Já vimos Mike Milligan pela última vez ou esse final é simplesmente um novo começo? Adiante, Hawley fala com o THR sobre a revelação, como havia originalmente muito mais no retorno de

Bokeem Woodbine na página (e até mesmo na sala de edição) do que na versão final, como será o futuro da série além da quarta temporada e muito mais.

 

Quando você teve a ideia de explorar a origem de Mike Milligan nesta temporada?

De certa forma, essa era a ideia original para a quarta temporada. O que explica esse personagem? Quando comecei a pensar nele, retrospectivamente, como um homem negro iconoclasta vivendo

em um mundo branco, que parece não se encaixar em nenhum lugar… comecei a pensar: de onde vem um cara como esse? De certa forma, toda essa temporada surgiu dessa questão: a ideia

dessas duas famílias trocando seus filhos, a ideia de que ele não se parece com um Milligan, então o nome deve ser escolhido e não necessariamente dado… Então, a ideia de um homem negro

criado por um irlandês-americano que foi criado por uma família judia e depois por uma família italiana. Isso parecia a história da América. Isso se tornou isso.

O que eu realmente gosto no que aconteceu com a história foi que ela se tornou o catalisador para uma história muito maior, na qual Satchel era apenas uma pequena parte. Não gastei 10 horas

tentando explicar como Satchel se tornou Mike Milligan. Eu contei uma história muito maior sobre o pai dele e todos esses outros personagens em que muitos corpos caem, e no final você vê

que é a história de Satchel e Ethelrida (E’myri Crutchfield), uma história sobre essa próxima geração. Era disso que se tratava realmente.

 

Você brincou com outras versões da cena final com Bokeem Woodbine?

Houve outras versões. Houve uma versão em que, após a morte de Loy, saltamos no tempo para os anos 90 e vemos Bokeem agora como parte deste motor corporativo, a máfia de Kansas City.

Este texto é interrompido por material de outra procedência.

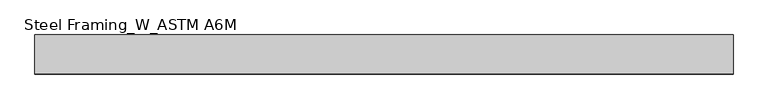
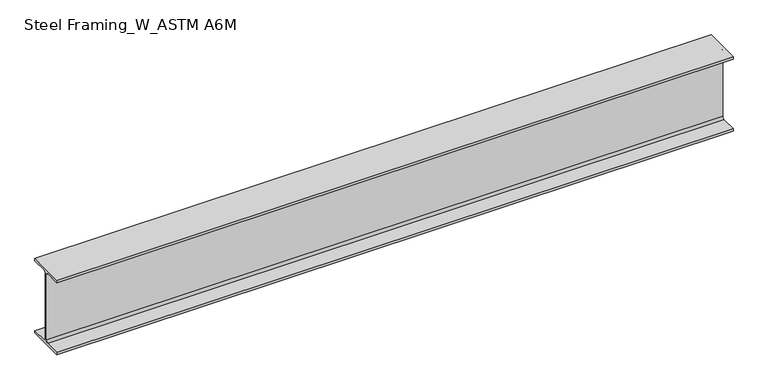
"""IFC4 building model written with IfcOpenShell, lengths in millimetres: beam geometry, Steel Framing_W_ASTM A6M : H_SB_AR_S02_W360x51_G3."""

from ifc_helpers import new_model, si_unit, point, frame, frame_2d, origin, place, context, project, spatial, polyline, circle_curve, trimmed, segment, composite_curve, outline, extrude, source, transform, mapped, element, save


def steel_framing_w_astm_a6m_38a99291(model_context):
    return source(origin(), model_context, "Body", "SweptSolid", [
        extrude(outline(composite_curve([segment(polyline([(85.5, -166.4), (85.5, -178.0), (-85.5, -178.0), (-85.5, -166.4), (-13.72, -166.4)]), True, "CONTINUOUS"), segment(trimmed(circle_curve(frame_2d((-13.72, -156.3)), 10.1), [point((-13.72, -166.4))], [point((-3.62, -156.3))], True, "CARTESIAN"), True, "CONTINUOUS"), segment(polyline([(-3.62, -156.3), (-3.62, 156.3)]), True, "CONTINUOUS"), segment(trimmed(circle_curve(frame_2d((-13.72, 156.3)), 10.1), [point((-3.62, 156.3))], [point((-13.72, 166.4))], True, "CARTESIAN"), True, "CONTINUOUS"), segment(polyline([(-13.72, 166.4), (-85.5, 166.4), (-85.5, 178.0), (85.5, 178.0), (85.5, 166.4), (13.72, 166.4)]), True, "CONTINUOUS"), segment(trimmed(circle_curve(frame_2d((13.72, 156.3)), 10.1), [point((13.72, 166.4))], [point((3.62, 156.3))], True, "CARTESIAN"), True, "CONTINUOUS"), segment(polyline([(3.62, 156.3), (3.62, -156.3)]), True, "CONTINUOUS"), segment(trimmed(circle_curve(frame_2d((13.72, -156.3)), 10.1), [point((3.62, -156.3))], [point((13.72, -166.4))], True, "CARTESIAN"), True, "CONTINUOUS"), segment(polyline([(13.72, -166.4), (85.5, -166.4)]), True, "CONTINUOUS")], self_intersect=False)), frame((-1487.2, 0.0, 0.0), z_axis=(1.0, 0.0, 0.0), x_axis=(0.0, 1.0, 0.0)), (0.0, 0.0, 1.0), 3054.2),
    ])


if __name__ == "__main__":
    model = new_model("IFC4")
    model_context = context("Model", 3, world=origin())
    ifc_project = project(units=[si_unit("LENGTHUNIT", "METRE", prefix="MILLI")], contexts=[model_context])
    site = spatial("IfcSite", under=ifc_project)
    building = spatial("IfcBuilding", under=site)
    placement = place(None, origin())
    steel_framing_w_astm_a6m_shape = steel_framing_w_astm_a6m_38a99291(model_context)
    element("IfcBeam", 1, ObjectType="Steel Framing_W_ASTM A6M : H_SB_AR_S02_W360x51_G3", at=placement, inside=building, context=model_context, shape_type="MappedRepresentation", body=[
        mapped(steel_framing_w_astm_a6m_shape, transform((0.0, 0.0, 0.0), x_axis=(1.0, 0.0, 0.0), y_axis=(0.0, 1.0, 0.0), z_axis=(0.0, 0.0, 1.0))),
    ])
    save(model, "model.ifc")

# Revit data of these elements
# Type "Steel Framing_W_ASTM A6M : H_SB_AR_S02_W360x51_G3"
#   Type Mark = "G3"
#   Section Name Key = "W14x34"
#   Width = 17.1 cm
#   Web Thickness = 0.724 cm
#   Web Fillet = 1.01 cm
#   Warping Constant = 287000.0 cm⁶
#   Torsional Moment of Inertia = 23.70 cm⁴
#   Section Area = 64.5 cm²
#   Plastic Modulus weak axis = 174.0 cm³
#   Plastic Modulus strong axis = 895.0 cm³
#   Perimeter = 1.36 m²/m
#   Nominal Weight = 51.00 kgf/m
#   Moment of Inertia weak axis = 970.00 cm⁴
#   Moment of Inertia strong axis = 14200.00 cm⁴
#   Height = 35.6 cm
#   Flange Thickness = 1.16 cm
#   Elastic Modulus weak axis = 113.0 cm³
#   Elastic Modulus strong axis = 796.0 cm³
#   Centroid Vertical = 17.8 cm
#   Centroid Horizontal = 8.55 cm
#   Length [instance default] = 1500 mm
#   Structural Material [instance default] = Steel, 45-345
#   Bolt Spacing = 0
#   Assembly Code = ""
# Element 1 (IfcBeam, "Steel Framing_W_ASTM A6M : H_SB_AR_S02_W360x51_G3")
#   Materials on its faces: "Steel, 45-345"
# Materials
#   "Steel, 45-345": class "Metal", colour RGB 189 187 185, transparency 0, Description = "Steel 345 MPa", Cost = 0

Quando o vimos pela última vez [na segunda temporada], nós o deixamos em um escritório com uma máquina de escrever. Seria essa ideia de que ele prosperou em algum nível naquele negócio,

mas agora que entendemos seu passado, entenderíamos que ele estava “passando” para fazer isso.

A verdade é que filmamos uma versão disso. Não funcionou, tanto quanto eu sentia. Eu senti que 30 minutos depois do final, para pular para uma história totalmente nova onde você teria que

assistir várias cenas… não parecia um final satisfatório. Na verdade, começou outra história. Eu me perguntei se precisávamos refazer as coisas. Conversamos sobre fazer uma refilmagem em Los

Angeles com novas cenas escritas. Então sentei-me com o editor. Originalmente, o relato histórico de Ethelrida aparecia no início do episódio; nós o movemos para o final, e ele seguiu para os

créditos, para esse estilo de final dos anos 1970. Parecia muito mais evocativo. Você viu tudo o que precisava ver. Você sentiu a tragédia desse personagem. Você foi lembrado de que amava esse

personagem. Em última análise, a resposta não foram mais palavras. A resposta foi o cinema

 

O que é uma surpresa, já que Milligan é um personagem muito verbal.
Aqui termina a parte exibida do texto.